Des armes, des tueurs et des jeux vidéo

Via The Global Sociology Blog, une très intéressante note sur les réactions face à deux tueries récentes - celle en Allemagne, celle en Alabama - sur le Montclair Socioblog : "More Guns, More Killing". Un peu de traduction et quelques commentaires.
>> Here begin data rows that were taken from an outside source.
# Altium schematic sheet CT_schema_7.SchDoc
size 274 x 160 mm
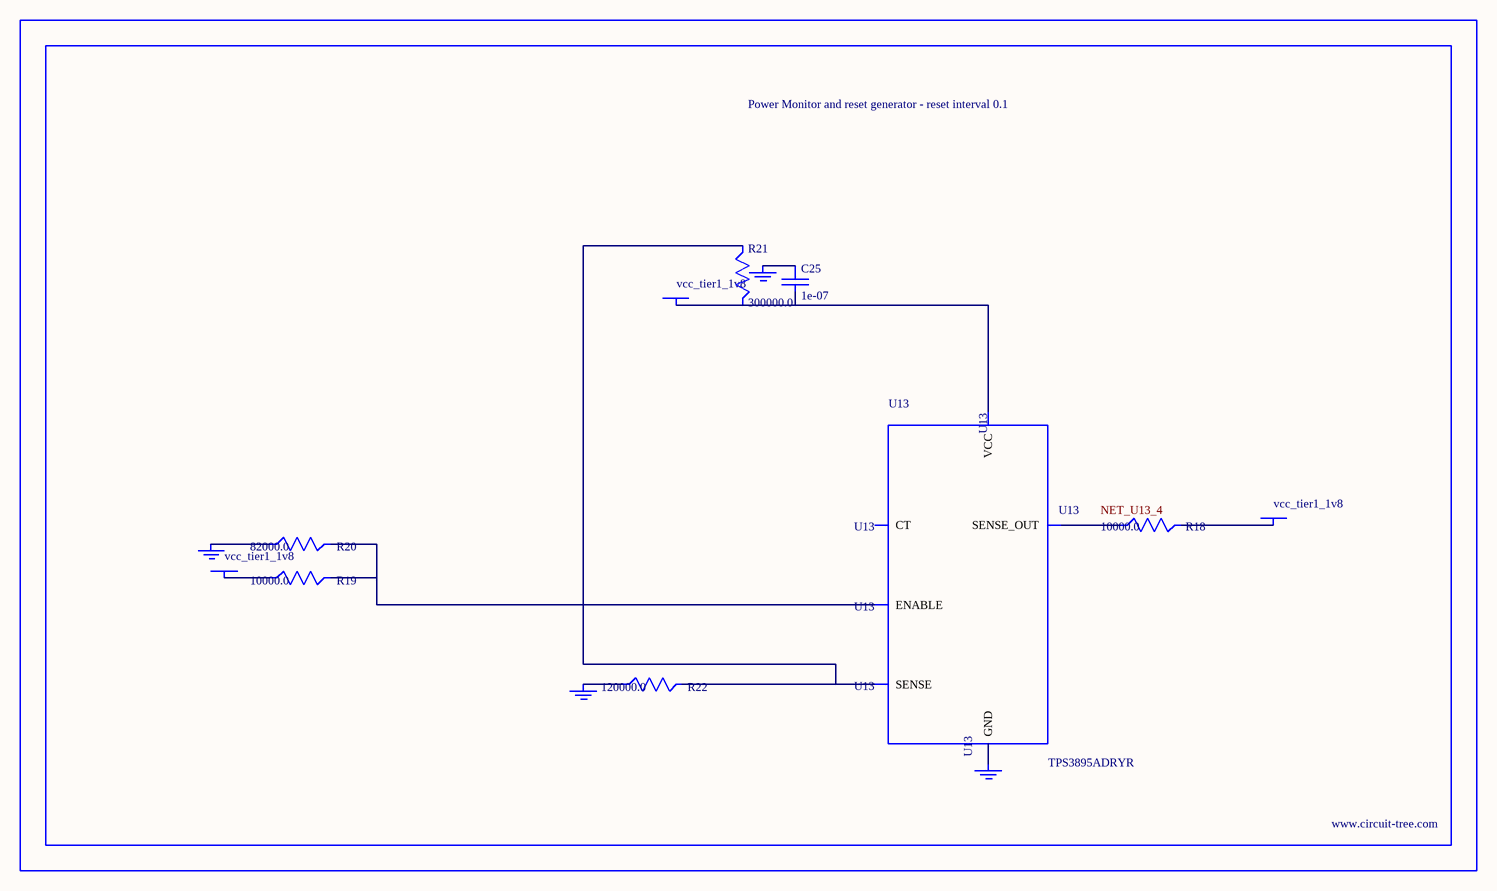
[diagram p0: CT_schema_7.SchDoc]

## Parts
BORDER6  (no value)
C25  1e-07  [C0402]
GND_INSTANCE_6_0  (no value)
GND_INSTANCE_6_1  (no value)
GND_INSTANCE_6_2  (no value)
GND_INSTANCE_6_3  (no value)
POWER_INSTANCE_6_0  vcc_tier1_1v8
POWER_INSTANCE_6_1  vcc_tier1_1v8
POWER_INSTANCE_6_2  vcc_tier1_1v8
R18  10000.0  [R0603]
R19  10000.0  [R0603]
R20  82000.0  [R0603]
R21  300000.0  [R0603]
R22  120000.0  [R0603]
U13  TPS3895ADRYR  [SON-6]

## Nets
NetC25_1: C25.1 GND_INSTANCE_6_2.0(GND)
NetC25_2: C25.2 POWER_INSTANCE_6_2.0(PWR) R21.2 U13.6(VCC)
NetGND_INSTANCE_6_0_0: GND_INSTANCE_6_0.0(GND) R20.1
NetGND_INSTANCE_6_1_0: GND_INSTANCE_6_1.0(GND) R22.1
NetGND_INSTANCE_6_3_0: GND_INSTANCE_6_3.0(GND) U13.2(GND)
NetPOWER_INSTANCE_6_0_0: POWER_INSTANCE_6_0.0(PWR) R19.1
NetPOWER_INSTANCE_6_1_0: POWER_INSTANCE_6_1.0(PWR) R18.2
NetR18_1: R18.1 U13.4(SENSE_OUT)
NetR19_2: R19.2 R20.2 U13.1(ENABLE)
NetR21_1: R21.1 R22.2 U13.3(SENSE)

Not connected (* = marked no-connect by the designer): U13 5(CT)

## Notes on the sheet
- Labels drawn without touching a wire or pin: NET_U13_4

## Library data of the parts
BORDER6 = BORDER_PAGE6
C25 = C0402C104K3RACTU
GND_INSTANCE_6_0-GND_INSTANCE_6_3 = GND
POWER_INSTANCE_6_0-POWER_INSTANCE_6_2 = PWR
R18 R19 = RC0603JR-0710KL
R20 = RC0603JR-0782KL
R21 = RC0603JR-07300KL
R22 = RC0603JR-07120KL

"Dans les deux cas, les tueries n'ont été possible que parce que le tueur avait accès à des armes particulièrement mortelles. Oui, l'Allemagne pratique un strict contrôle des armes, mais le père du tueur avait quatre-vingt armes à la maison, et elles étaient probablement toutes légales. C'est ce que certains appellent un "gun nut". D'autres préférent le terme de "gun enthusiast" (on aime l'entjousiasme, alors vous pouvez avoir votre propre arsenal à la maison du moment que vous êtes enthousiaste).
Voilà ma prédiction sur ce qui va se passer. Quelques pays européens, peut-être même l'Allemagne, vont rendre leurs lois sur les armes encore plus strictes. Aux Etats-Unis, les gens vont secoueur la tête, pleurer, prier, et se concentrer sur l'histoire personnelle du tueur et de ses victimes. Est-ce que l'Alabama ou un autre des Etats laxistes sur les armes vont changer leur loirs ? Non, bien sûr que non.
Ici, aux Etats-unis, on se concentrera sur des explications individuelles. "Les authorités sont à la recherche d'un motif" nous dit CNN. C'est malheureux ce qui est arrivé, mais qu'est-ce qu'on n'y peut ? Il est simplement impossible de prévoir quand quelqu'un va péter les plombs.
Les authorités européennes vont penser en terme de situations : comment pouvons-nous changer la situation pour que, aussi dérangé ou en colère que soit quelqu'un, il ne puisse plus commettre un massacre de cette importance ?"


La remarque de Jay Livingstone est très pertinente : il importe en la matière de moins penser en termes de problèmes individuels qu'en termes d'enjeux collectifs - pour le dire comme Charles Wright Mill dans L'imagination sociologique. La place que la société fait aux armes et l'accès des individus à celles-ci ne peuvent pas être oublier en la matière. Mais l'image de pragamatiques autorités européennes est plus un moyen de critiquer un certain état du débat public américain qu'une description fidèle des réactions politiques du vieux continent. En témoigne celle du parlement européen : le coupable fut vite trouvé, ce sont les jeux vidéo ! On se souvient de cette affaire, il y a quelques temps en France, où un jeune garçon fut accusé d'avoir poignardé sa soeur qui refusait de lui donner un jeu vidéo. Ces derniers avaient très vite été mis en cause, avant que l'on ne découvre que c'était la mère elle-même qui avait frappé sa fille, avant de convaincre son fils de raconter ce mensonge. Même jeu ici : les jeux vidéo, coupable idéal, explication magique de la violence, panique morale, etc.

Explication stupide surtout. Le fait de jouer à un jeu vidéo ou de regarder un film peut avoir bien des causes et prendre bien des significations. Pour les comprendre, il faut prendre en compte la situation de la personne au moment où elle joue, situation qui influence le message reçu. On peut jouer à un jeu vidéo violent, et interpréter cette violence de façon différente, la prendre plus ou moins au sérieux. Les jeux vidéos ne créent pas la violence, et il vaudrait mieux s'interroger, tant au niveau individuel que collectif, sur les conditions sociales qui favorisent une interprétation au premier degré de la violence fictive, dans les jeux comme ailleurs. Sinon, comment peut-on expliquer que toutes les personnes qui jouent à des jeux violents, lisent des livres violents, voient des films violents, ne soient pas tous des tueurs ? Les messages chariés par les produits culturels n'existent pas en dehors des interprétations locales qui en sont faites par les personnes, et il serait temps de s'en rendre compte. Il suffirait pour cela de réfléchir un peu comme des sociologues. Mais d'un côté comme de l'autre de l'Atlantique, ce n'est pas gagné.

1 commentaires:

Fr. a dit…

Très intéressante petite traduction ; j'ai tenté d'extrapoler quelques idées à partir de cette note.